One of the key tenets of having good security is reducing how attackable your system is. This is what we call an attack surface – a system needs as few attack surfaces as possible, and as small as possible, to minimize any potential unwarranted intrusion. Beyond that, any additional security to detect and protect is vital. Both hardware and software can be used for that layer of additional security, and it becomes particularly important when dealing with virtualization, especially when it comes to virtual and physical attacks. In order to create a more unified system, Microsoft’s Pluton Security Processor, which works with Windows, is coming to the three major hardware vendors that implement the OS: AMD, Intel, and Qualcomm. What makes this different is that this is a physical in-hardware implementation that will be built directly into the future processors from each of the three companies.
Pioneered in both Xbox consoles and Microsoft’s Azure Sphere ecosystem, the Pluton Security Processor enables a full-stack chip-to-cloud security akin to a Trusted Platform Module (TPM). The TPM has been a backbone of server security over the last decade or more, providing a physical store for security keys and other metadata that verifies the integrity of a system. In the mobile space, a built-in TPM allows for other security verification, such as Windows Hello or Bitlocker.
Over time, according to Microsoft, a physical TPM module in these systems have become a weak point in modern security design. Specifically, gaining physical access to the system makes the TPM useless allowing for in-transit data hijacks or man-in-the-middle data pruning. Because a TPM is an optional addition to most server environments, that physical module-to-CPU data pathway becomes an important attack surface.
What the Pluton project from Microsoft and the agreement between AMD, Intel, and Qualcomm will do is build a TPM-equivalent directly into the silicon of every Windows-based PC of the future. The Pluton architecture will, initially, build an emulated TPM to work with existing specifications for access to the current suites of security protocols in place.

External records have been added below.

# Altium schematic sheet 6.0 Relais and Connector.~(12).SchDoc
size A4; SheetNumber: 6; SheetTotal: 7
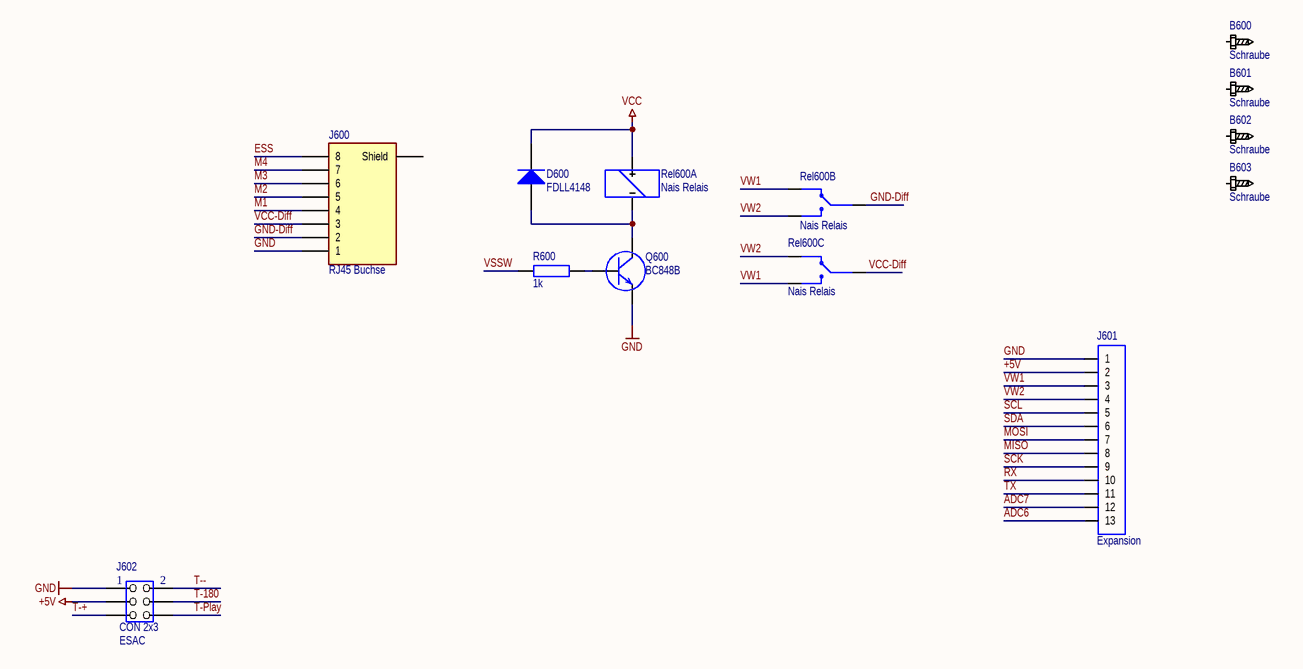
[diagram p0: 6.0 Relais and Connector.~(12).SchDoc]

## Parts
B600  Schraube  [B_Schraube-M3]
B601  Schraube  [B_Schraube-M3]
B602  Schraube  [B_Schraube-M3]
B603  Schraube  [B_Schraube-M3]
D600  FDLL4148  [D_SMD_1206]
J600  RJ45 Buchse  [J_TE-RJ45-8L-B]
J601  Expansion  [SIP-13]
J602  CON 2x3  Use: ESAC  [J_2x3]
Q600  BC848B  [SOT-23]
R600  1k  [R_SMD_0805]
Rel600  Nais Relais  [Rel_THT_Nais]  (parts A,B,C of 3)

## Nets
+5V: J601.2 J602.3
GND: J600.1 J601.1 J602.1 Q600.2(E)
VCC: D600.2(K) Rel600.5
ADC6: J601.13
ADC7: J601.12
ESS: J600.8
GND-Diff: J600.2 Rel600.3
M1: J600.4
M2: J600.5
M3: J600.6
M4: J600.7
MISO: J601.8
MOSI: J601.7
RX: J601.10
SCK: J601.9
SCL: J601.5
SDA: J601.6
T-180: J602.4
T-+: J602.5
T--: J602.2
T-Play: J602.6
TX: J601.11
VCC-Diff: J600.3 Rel600.6
VSSW: R600.1
VW1: J601.3 Rel600.2 Rel600.8
VW2: J601.4 Rel600.1 Rel600.7
NetD600_1: D600.1(A) Q600.3(C) Rel600.4
NetQ600_1: Q600.1(B) R600.2

Not connected (* = marked no-connect by the designer): B600 1(PAD); B601 1(PAD); B602 1(PAD); B603 1(PAD); J600 MP(Shield)

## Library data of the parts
B600-B603 = B_Schraube: Schraubenloch für M3 Schrauben
D600 = D_SMD_Silizium: Diode SMD Silizium; Spannung For.: 0,7V
J600 = J_RJ45: Connector
J601 = J_THT_CON13: Stecker
J602 = J_THT_IDC 2x3: Stecker
Q600 = Q_SMD_NPN: NPN Transistor
R600 = R_SMD_Widerstand: Widerstand SMD
Rel600 = Rel_THT_Nais: Nais DS2Y-S-DC12V

Because Pluton will be in-silicon, it severely reduces the physical attack surface of any Pluton-enabled device.
The Pluton architecture seems to also allow for a superset of TPM features, perhaps to be enabled in the future. Microsoft highlights both the unique Secure HArdware Cryptography Key (SHACK) technology such that security keys are never exposed outside of the hardware environment, as well as community engagement such as what has been done through Project Cerberus, part of the Open Compute Project to enable root-of-trust and firmware authentication. We are told this is particularly important as it pertains to wide-spread patching issues.
All of the silicon vendors involved will have Pluton as the first layer of security – additional layers (such as AMD’s PSP) will go below this. From the three vendors, AMD has worked with Microsoft already on Pluton for consoles, so it should not be a big step to see Pluton in AMD consumer and enterprise silicon sooner rather than later, along with AMD’s other technologies such as Secure Encryption Virtualization. Intel stated that its long-term relationship with Microsoft should lead to a smooth Pluton integration, however the company declined to comment on a potential timeline. Qualcomm is the odd-one-out in a sense, as its cycles are a little different, but the company is quoted as stated that on-die hardware root-of-trust security is an important component of the whole silicon.
A number of parallels are being drawn between Pluton and Apple’s T2 security chip, which was moved inside the recently announced M1 processor.